# Tractor Starting Problems - Any thoughts?



## Torinoman911 (Jul 15, 2016)

1985 Bolens Iseki G295, 3 Cylinder diesel. 

Tractor won't start. I was mowing the other day and turned off the tractor for a minute. Went to fire it back up and no fire. No clicking. Nothing. Thought it might be the battery. 

The battery is connected and the lights come on when I turn the key to aux power. As soon as I turn the key to fire the engine, I hear one solid click and the lights turn off as if the battery is dead..but it's not I tried two fully charged batteries same outcome. So this led me to think the starter went bad.

I hooked up jumper cables to the starter and connected a screw driver from the positive to the solenoid and the starter turned over. So much so it turned the alternator belts as if the engine was going to fire up. 

So I'm at a lost. It's like there's and issue between the ignition and the starter. Still I can put in the key, turn all the power on, headlights on, when I go to fire, one loud click everything dies. Any thoughts?


----------



## bbirder (Feb 26, 2006)

Have you tried jumping the solenoid with the key in the on position. Could be bad ground connection or solenoid needs changing.


----------



## Torinoman911 (Jul 15, 2016)

Are you referencing a bad ground on the battery or starter? I'm thinking about putting in new battery terminal cables since that's a cheaper option than a new starter


----------



## bbirder (Feb 26, 2006)

Make sure that your negative cable or ground cable is good and the terminals on both ends are clean and tight. A poor ground will produce just what you are experiencing when it draws a load. Especially check the connection to the engine or frame. Many times this has not been cleaned since the tractor was new.


----------



## FredM (Nov 18, 2015)

over a period of time and from wet winters over the pond and wet weather in my case, a buildup occurs between the battery posts and the inside of the battery connectors, this in turn will allow you to start an engine and the next time you wont get anything but as you describe, this build up becomes like an insulator and will even reduce the charge going into the battery, the remedy is as bbirder says, emery tape for the posts and a round file for the insides of the connectors and do the earth connection also.
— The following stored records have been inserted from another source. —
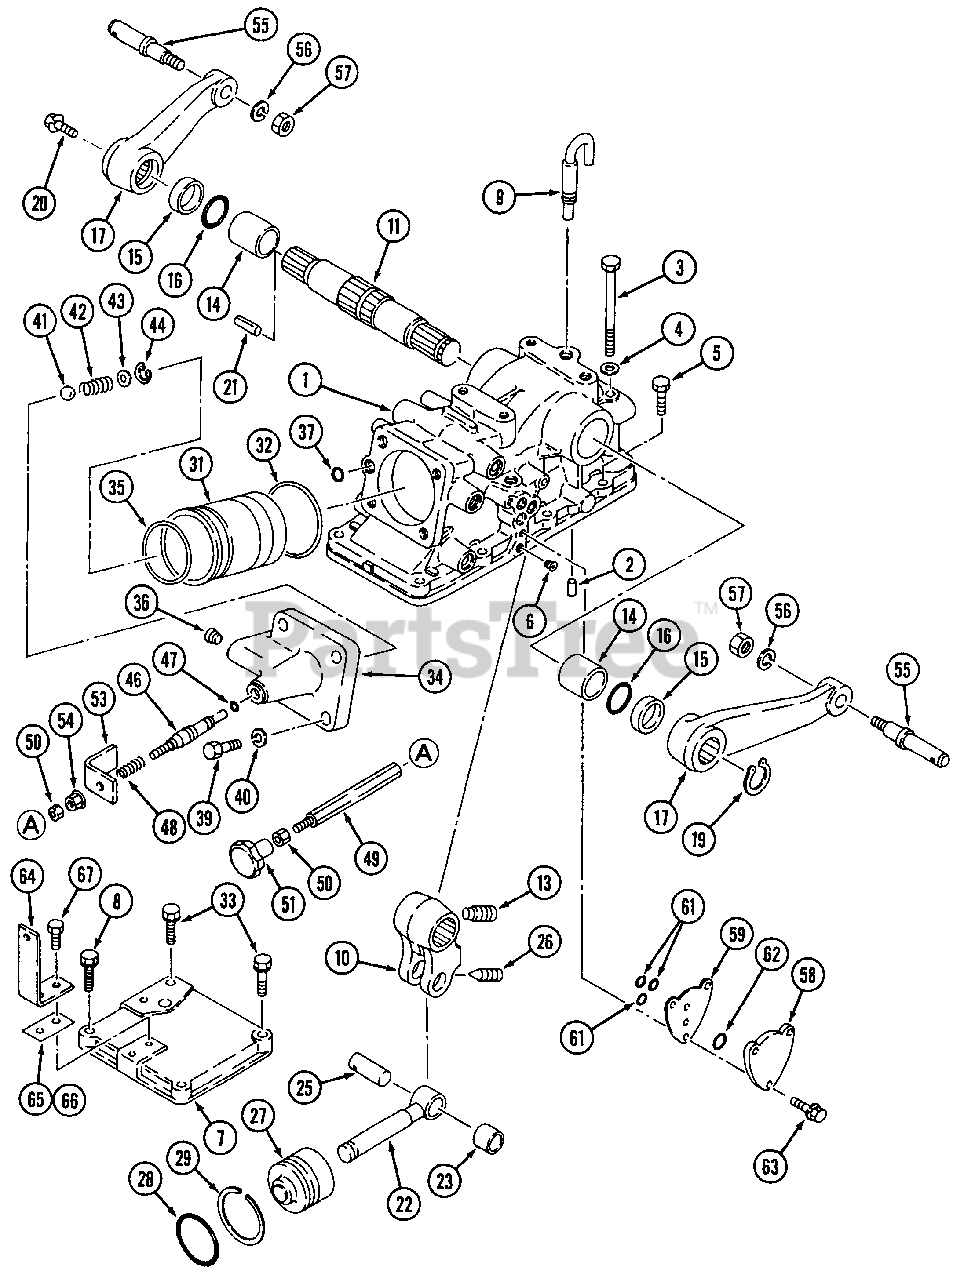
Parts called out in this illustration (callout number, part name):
1	Case, Hydraulic
7	Cover
11	Shaft, Hydraulic
29	Ring, Back Up
31	Cylinder, Hydraulic
34	Head, Cylinder
53	Lever, Stopper
55	Pin, Lift Arm
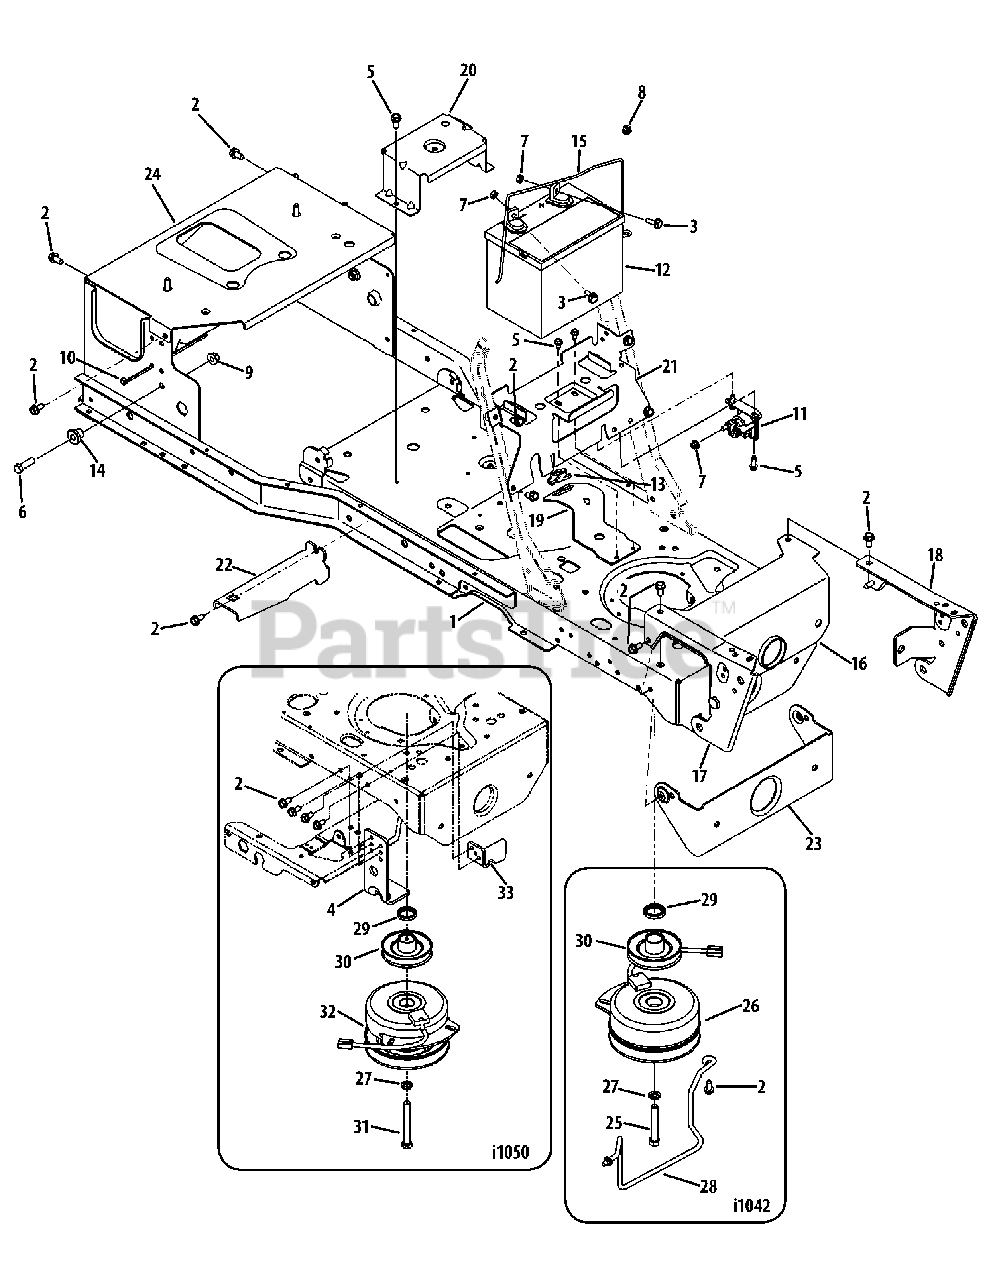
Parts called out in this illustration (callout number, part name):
1	Frame Assembly
2	Hex Washer Screw, 5/16-18 x .75
3	Hex Flange Screw, 1/4-20 x .75
4	Up Stop Deck Bracket
5	Hex Washer Screw, 1/4-20 x .75
6	Hex Cap Screw, 3/8-16 x 1.25
7	Sems Nut, 1/4-20
8	Hex Flange Lock Nut, 1/4-20
9	Hex Flange Lock Nut, 3/8-16
10	Cable Tie
11	Solenoid
13	Steering Shaft Bushing
14	Shoulder Spacer, .38 x 1.0 x .7
15	Battery Strap
16	Pivot Bar Bracket
17	RH Pivot Support Bracket
18	LH Pivot Support Bracket
19	Steering Support Bracket
20	Support Fender Bracket
21	Battery Support Bracket
22	Running Board Support Bracket
23	Pivot Bar Support Bracket
24	Seat Frame Plate
25	Hex Lock Screw, 7/16-50 x 2.75
26	Electric PTO Clutch, 42" Deck
27	Lock Washer, 7/16
28	Belt Keeper Rod
29	Spacer, 1.375 x 1.00 x .25
30	Engine Pulley
31	Hex Lock Screw, 7/16-50 x 3.50
32	Electric PTO Clutch, 50" Deck
33	Clutch Bracket

one click of the solenoid suggests this could be the fault, if the solenoid were to chatter when trying to start, this will be from burnt contacts in the solenoid, I wont go into the workings of the solenoid just yet, only if need be.

regards


----------



## Torinoman911 (Jul 15, 2016)

Thanks Fred. I will check the ground and power cables to ensure they have a clean good connection. 

How can I check if the issue is the solenoid? Can you give me some step by step. I'm new to engines. 

The solenoid is a separate part from the starter correct? 

Do you think there could be an issue with my tractor ignition switch? It's a two directional switch, left to heat up the cylinders and right to fire. 

Just one loud thud when I flip it right to fire. 

Thanks


----------



## FredM (Nov 18, 2015)

first up connect a jumper cable from the positive post of the battery and then connect the other end to the starter terminal, -- be aware that doing this will create a huge influx of amperage to the starter terminal and create sparks, turn the ignition on just in case the engine may start, (most likely will need preheating) ---
this test will check out the starter motor and if this cranks ok, we can bypass that as ok.

test the solenoid by bridging across both the battery connection and the starter connection on the solenoid, same deal, you will get a lot of sparks, you will need to make the connection positive, in other words, don't ***** foot with connecting the cable clamp, if you have room around the solenoid you could firmly press the cable connector to the starter side of the solenoid, in both cases if you are not aware of what will happen when making a connection, I wanted to warn you of the outcome.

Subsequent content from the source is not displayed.